SUPPLIED RECORDS below:

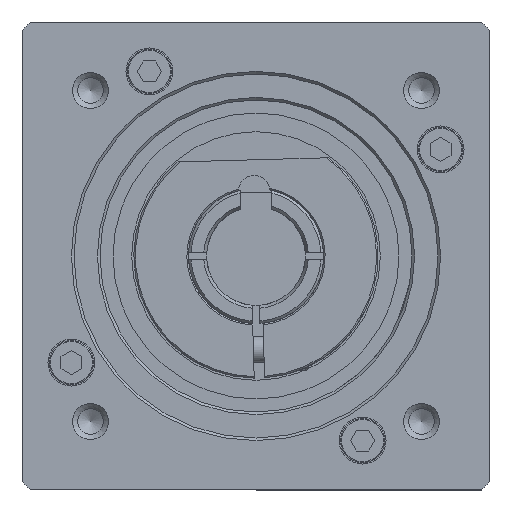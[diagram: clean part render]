
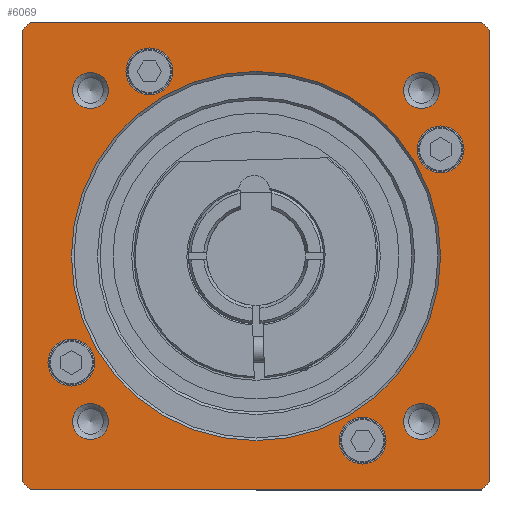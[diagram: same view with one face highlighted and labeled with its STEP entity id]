
A CAD part, front view. The second image highlights one B-rep face of the part: STEP entity #6069.
In plain terms, the highlighted planar face has unit normal (0, -1, 0).
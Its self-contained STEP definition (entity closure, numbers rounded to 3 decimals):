
#5891=CARTESIAN_POINT('',(-31.82,-25.,35.278));
#5892=VERTEX_POINT('',#5891);
#5893=CARTESIAN_POINT('',(-31.82,-25.,31.82));
#5894=DIRECTION('',(0.0,-1.0,0.0));
#5895=DIRECTION('',(0.0,0.0,-1.0));
#5896=AXIS2_PLACEMENT_3D('',#5893,#5894,#5895);
#5897=CIRCLE('',#5896,3.459);
#5898=EDGE_CURVE('',#5892,#5892,#5897,.T.);
#5903=CARTESIAN_POINT('',(48.75,-25.,0.));
#5904=DIRECTION('',(0.0,-1.0,0.0));
#5905=DIRECTION('',(0.0,0.0,-1.0));
#5906=AXIS2_PLACEMENT_3D('',#5903,#5904,#5905);
#5907=PLANE('',#5906);
#5908=CARTESIAN_POINT('',(-43.373,-25.,-45.));
#5909=VERTEX_POINT('',#5908);
#5910=CARTESIAN_POINT('',(43.373,-25.,-45.));
#5911=VERTEX_POINT('',#5910);
#5912=CARTESIAN_POINT('',(-43.373,-25.,-45.));
#5913=DIRECTION('',(1.0,0.0,0.0));
#5914=VECTOR('',#5913,86.747);
#5915=LINE('',#5912,#5914);
#5916=EDGE_CURVE('',#5909,#5911,#5915,.T.);
#5917=ORIENTED_EDGE('',*,*,#5916,.T.);
#5918=CARTESIAN_POINT('',(45.,-25.,-43.373));
#5919=VERTEX_POINT('',#5918);
#5920=CARTESIAN_POINT('',(0.,-25.,0.));
#5921=DIRECTION('',(0.0,-1.0,0.0));
#5922=DIRECTION('',(1.0,0.0,0.0));
#5923=AXIS2_PLACEMENT_3D('',#5920,#5921,#5922);
#5924=CIRCLE('',#5923,62.5);
#5925=EDGE_CURVE('',#5911,#5919,#5924,.T.);
#5926=ORIENTED_EDGE('',*,*,#5925,.T.);
#5927=CARTESIAN_POINT('',(45.,-25.,43.373));
#5928=VERTEX_POINT('',#5927);
#5929=CARTESIAN_POINT('',(45.,-25.,-43.373));
#5930=DIRECTION('',(0.0,0.0,1.0));
#5931=VECTOR('',#5930,86.747);
#5932=LINE('',#5929,#5931);
#5933=EDGE_CURVE('',#5919,#5928,#5932,.T.);
#5934=ORIENTED_EDGE('',*,*,#5933,.T.);
#5935=CARTESIAN_POINT('',(43.373,-25.,45.));
#5936=VERTEX_POINT('',#5935);
#5937=CARTESIAN_POINT('',(0.,-25.,0.));
#5938=DIRECTION('',(0.0,-1.0,0.0));
#5939=DIRECTION('',(1.0,0.0,0.0));
#5940=AXIS2_PLACEMENT_3D('',#5937,#5938,#5939);
#5941=CIRCLE('',#5940,62.5);
#5942=EDGE_CURVE('',#5928,#5936,#5941,.T.);
#5943=ORIENTED_EDGE('',*,*,#5942,.T.);
#5944=CARTESIAN_POINT('',(-43.373,-25.,45.0));
#5945=VERTEX_POINT('',#5944);
#5946=CARTESIAN_POINT('',(43.373,-25.,45.));
#5947=DIRECTION('',(-1.0,0.0,0.0));
#5948=VECTOR('',#5947,86.747);
#5949=LINE('',#5946,#5948);
#5950=EDGE_CURVE('',#5936,#5945,#5949,.T.);
#5951=ORIENTED_EDGE('',*,*,#5950,.T.);
#5952=CARTESIAN_POINT('',(-45.,-25.,43.373));
#5953=VERTEX_POINT('',#5952);
#5954=CARTESIAN_POINT('',(0.,-25.,0.));
#5955=DIRECTION('',(0.0,-1.0,0.0));
#5956=DIRECTION('',(1.0,0.0,0.0));
#5957=AXIS2_PLACEMENT_3D('',#5954,#5955,#5956);
#5958=CIRCLE('',#5957,62.5);
#5959=EDGE_CURVE('',#5945,#5953,#5958,.T.);
#5960=ORIENTED_EDGE('',*,*,#5959,.T.);
#5961=CARTESIAN_POINT('',(-45.,-25.,-43.373));
#5962=VERTEX_POINT('',#5961);
#5963=CARTESIAN_POINT('',(-45.,-25.,43.373));
#5964=DIRECTION('',(0.0,0.0,-1.0));
#5965=VECTOR('',#5964,86.747);
#5966=LINE('',#5963,#5965);
#5967=EDGE_CURVE('',#5953,#5962,#5966,.T.);
#5968=ORIENTED_EDGE('',*,*,#5967,.T.);
#5969=CARTESIAN_POINT('',(0.,-25.,0.));
#5970=DIRECTION('',(0.0,-1.0,0.0));
#5971=DIRECTION('',(1.0,0.0,0.0));
#5972=AXIS2_PLACEMENT_3D('',#5969,#5970,#5971);
#5973=CIRCLE('',#5972,62.5);
#5974=EDGE_CURVE('',#5962,#5909,#5973,.T.);
#5975=ORIENTED_EDGE('',*,*,#5974,.T.);
#5976=EDGE_LOOP('',(#5917,#5926,#5934,#5943,#5951,#5960,#5968,#5975));
#5977=FACE_OUTER_BOUND('',#5976,.T.);
#5978=CARTESIAN_POINT('',(-35.278,-25.,-31.82));
#5979=VERTEX_POINT('',#5978);
#5980=CARTESIAN_POINT('',(-31.82,-25.,-31.82));
#5981=DIRECTION('',(0.0,-1.0,0.0));
#5982=DIRECTION('',(1.0,0.0,0.0));
#5983=AXIS2_PLACEMENT_3D('',#5980,#5981,#5982);
#5984=CIRCLE('',#5983,3.459);
#5985=EDGE_CURVE('',#5979,#5979,#5984,.T.);
#5986=ORIENTED_EDGE('',*,*,#5985,.F.);
#5987=EDGE_LOOP('',(#5986));
#5988=FACE_BOUND('',#5987,.T.);
#5989=CARTESIAN_POINT('',(35.278,-25.,31.82));
#5990=VERTEX_POINT('',#5989);
#5991=CARTESIAN_POINT('',(31.82,-25.,31.82));
#5992=DIRECTION('',(0.0,-1.0,0.0));
#5993=DIRECTION('',(-1.0,0.0,0.0));
#5994=AXIS2_PLACEMENT_3D('',#5991,#5992,#5993);
#5995=CIRCLE('',#5994,3.459);
#5996=EDGE_CURVE('',#5990,#5990,#5995,.T.);
#5997=ORIENTED_EDGE('',*,*,#5996,.F.);
#5998=EDGE_LOOP('',(#5997));
#5999=FACE_BOUND('',#5998,.T.);
#6000=CARTESIAN_POINT('',(40.007,-25.,20.5));
#6001=VERTEX_POINT('',#6000);
#6002=CARTESIAN_POINT('',(35.507,-25.,20.5));
#6003=DIRECTION('',(0.0,1.0,0.0));
#6004=DIRECTION('',(1.0,0.0,0.0));
#6005=AXIS2_PLACEMENT_3D('',#6002,#6003,#6004);
#6006=CIRCLE('',#6005,4.5);
#6007=EDGE_CURVE('',#6001,#6001,#6006,.T.);
#6008=ORIENTED_EDGE('',*,*,#6007,.T.);
#6009=EDGE_LOOP('',(#6008));
#6010=FACE_BOUND('',#6009,.T.);
#6011=CARTESIAN_POINT('',(35.5,-25.,0.));
#6012=VERTEX_POINT('',#6011);
#6013=CARTESIAN_POINT('',(0.,-25.,0.));
#6014=DIRECTION('',(0.0,-1.0,0.0));
#6015=DIRECTION('',(-1.0,0.0,0.0));
#6016=AXIS2_PLACEMENT_3D('',#6013,#6014,#6015);
#6017=CIRCLE('',#6016,35.5);
#6018=EDGE_CURVE('',#6012,#6012,#6017,.T.);
#6019=ORIENTED_EDGE('',*,*,#6018,.F.);
#6020=EDGE_LOOP('',(#6019));
#6021=FACE_BOUND('',#6020,.T.);
#6022=CARTESIAN_POINT('',(20.5,-25.,-40.007));
#6023=VERTEX_POINT('',#6022);
#6024=CARTESIAN_POINT('',(20.5,-25.,-35.507));
#6025=DIRECTION('',(0.0,1.0,0.0));
#6026=DIRECTION('',(0.0,0.0,-1.0));
#6027=AXIS2_PLACEMENT_3D('',#6024,#6025,#6026);
#6028=CIRCLE('',#6027,4.5);
#6029=EDGE_CURVE('',#6023,#6023,#6028,.T.);
#6030=ORIENTED_EDGE('',*,*,#6029,.T.);
#6031=EDGE_LOOP('',(#6030));
#6032=FACE_BOUND('',#6031,.T.);
#6033=CARTESIAN_POINT('',(-40.007,-25.,-20.5));
#6034=VERTEX_POINT('',#6033);
#6035=CARTESIAN_POINT('',(-35.507,-25.,-20.5));
#6036=DIRECTION('',(0.0,1.0,0.0));
#6037=DIRECTION('',(-1.0,0.0,0.0));
#6038=AXIS2_PLACEMENT_3D('',#6035,#6036,#6037);
#6039=CIRCLE('',#6038,4.5);
#6040=EDGE_CURVE('',#6034,#6034,#6039,.T.);
#6041=ORIENTED_EDGE('',*,*,#6040,.T.);
#6042=EDGE_LOOP('',(#6041));
#6043=FACE_BOUND('',#6042,.T.);
#6044=CARTESIAN_POINT('',(-20.5,-25.,40.007));
#6045=VERTEX_POINT('',#6044);
#6046=CARTESIAN_POINT('',(-20.5,-25.,35.507));
#6047=DIRECTION('',(0.0,1.0,0.0));
#6048=DIRECTION('',(0.0,0.0,1.0));
#6049=AXIS2_PLACEMENT_3D('',#6046,#6047,#6048);
#6050=CIRCLE('',#6049,4.5);
#6051=EDGE_CURVE('',#6045,#6045,#6050,.T.);
#6052=ORIENTED_EDGE('',*,*,#6051,.T.);
#6053=EDGE_LOOP('',(#6052));
#6054=FACE_BOUND('',#6053,.T.);
#6055=CARTESIAN_POINT('',(31.82,-25.,-35.278));
#6056=VERTEX_POINT('',#6055);
#6057=CARTESIAN_POINT('',(31.82,-25.,-31.82));
#6058=DIRECTION('',(0.0,-1.0,0.0));
#6059=DIRECTION('',(0.0,0.0,1.0));
#6060=AXIS2_PLACEMENT_3D('',#6057,#6058,#6059);
#6061=CIRCLE('',#6060,3.459);
#6062=EDGE_CURVE('',#6056,#6056,#6061,.T.);
#6063=ORIENTED_EDGE('',*,*,#6062,.F.);
#6064=EDGE_LOOP('',(#6063));
#6065=FACE_BOUND('',#6064,.T.);
#6066=ORIENTED_EDGE('',*,*,#5898,.F.);
#6067=EDGE_LOOP('',(#6066));
#6068=FACE_BOUND('',#6067,.T.);
#6069=ADVANCED_FACE('',(#5977,#5988,#5999,#6010,#6021,#6032,#6043,#6054,#6065,#6068),#5907,.T.);

End of SUPPLIED RECORDS.

BRIEF: Of all the entries above, repeat only the lines from the line that has "#6042=EDGE_LOOP('',(#6041));" to the line that has "#6068=FACE_BOUND('',#6067,.T.);", both lines included, exactly.

EXERCISE RESPONSE:
#6042=EDGE_LOOP('',(#6041));
#6043=FACE_BOUND('',#6042,.T.);
#6044=CARTESIAN_POINT('',(-20.5,-25.,40.007));
#6045=VERTEX_POINT('',#6044);
#6046=CARTESIAN_POINT('',(-20.5,-25.,35.507));
#6047=DIRECTION('',(0.0,1.0,0.0));
#6048=DIRECTION('',(0.0,0.0,1.0));
#6049=AXIS2_PLACEMENT_3D('',#6046,#6047,#6048);
#6050=CIRCLE('',#6049,4.5);
#6051=EDGE_CURVE('',#6045,#6045,#6050,.T.);
#6052=ORIENTED_EDGE('',*,*,#6051,.T.);
#6053=EDGE_LOOP('',(#6052));
#6054=FACE_BOUND('',#6053,.T.);
#6055=CARTESIAN_POINT('',(31.82,-25.,-35.278));
#6056=VERTEX_POINT('',#6055);
#6057=CARTESIAN_POINT('',(31.82,-25.,-31.82));
#6058=DIRECTION('',(0.0,-1.0,0.0));
#6059=DIRECTION('',(0.0,0.0,1.0));
#6060=AXIS2_PLACEMENT_3D('',#6057,#6058,#6059);
#6061=CIRCLE('',#6060,3.459);
#6062=EDGE_CURVE('',#6056,#6056,#6061,.T.);
#6063=ORIENTED_EDGE('',*,*,#6062,.F.);
#6064=EDGE_LOOP('',(#6063));
#6065=FACE_BOUND('',#6064,.T.);
#6066=ORIENTED_EDGE('',*,*,#5898,.F.);
#6067=EDGE_LOOP('',(#6066));
#6068=FACE_BOUND('',#6067,.T.);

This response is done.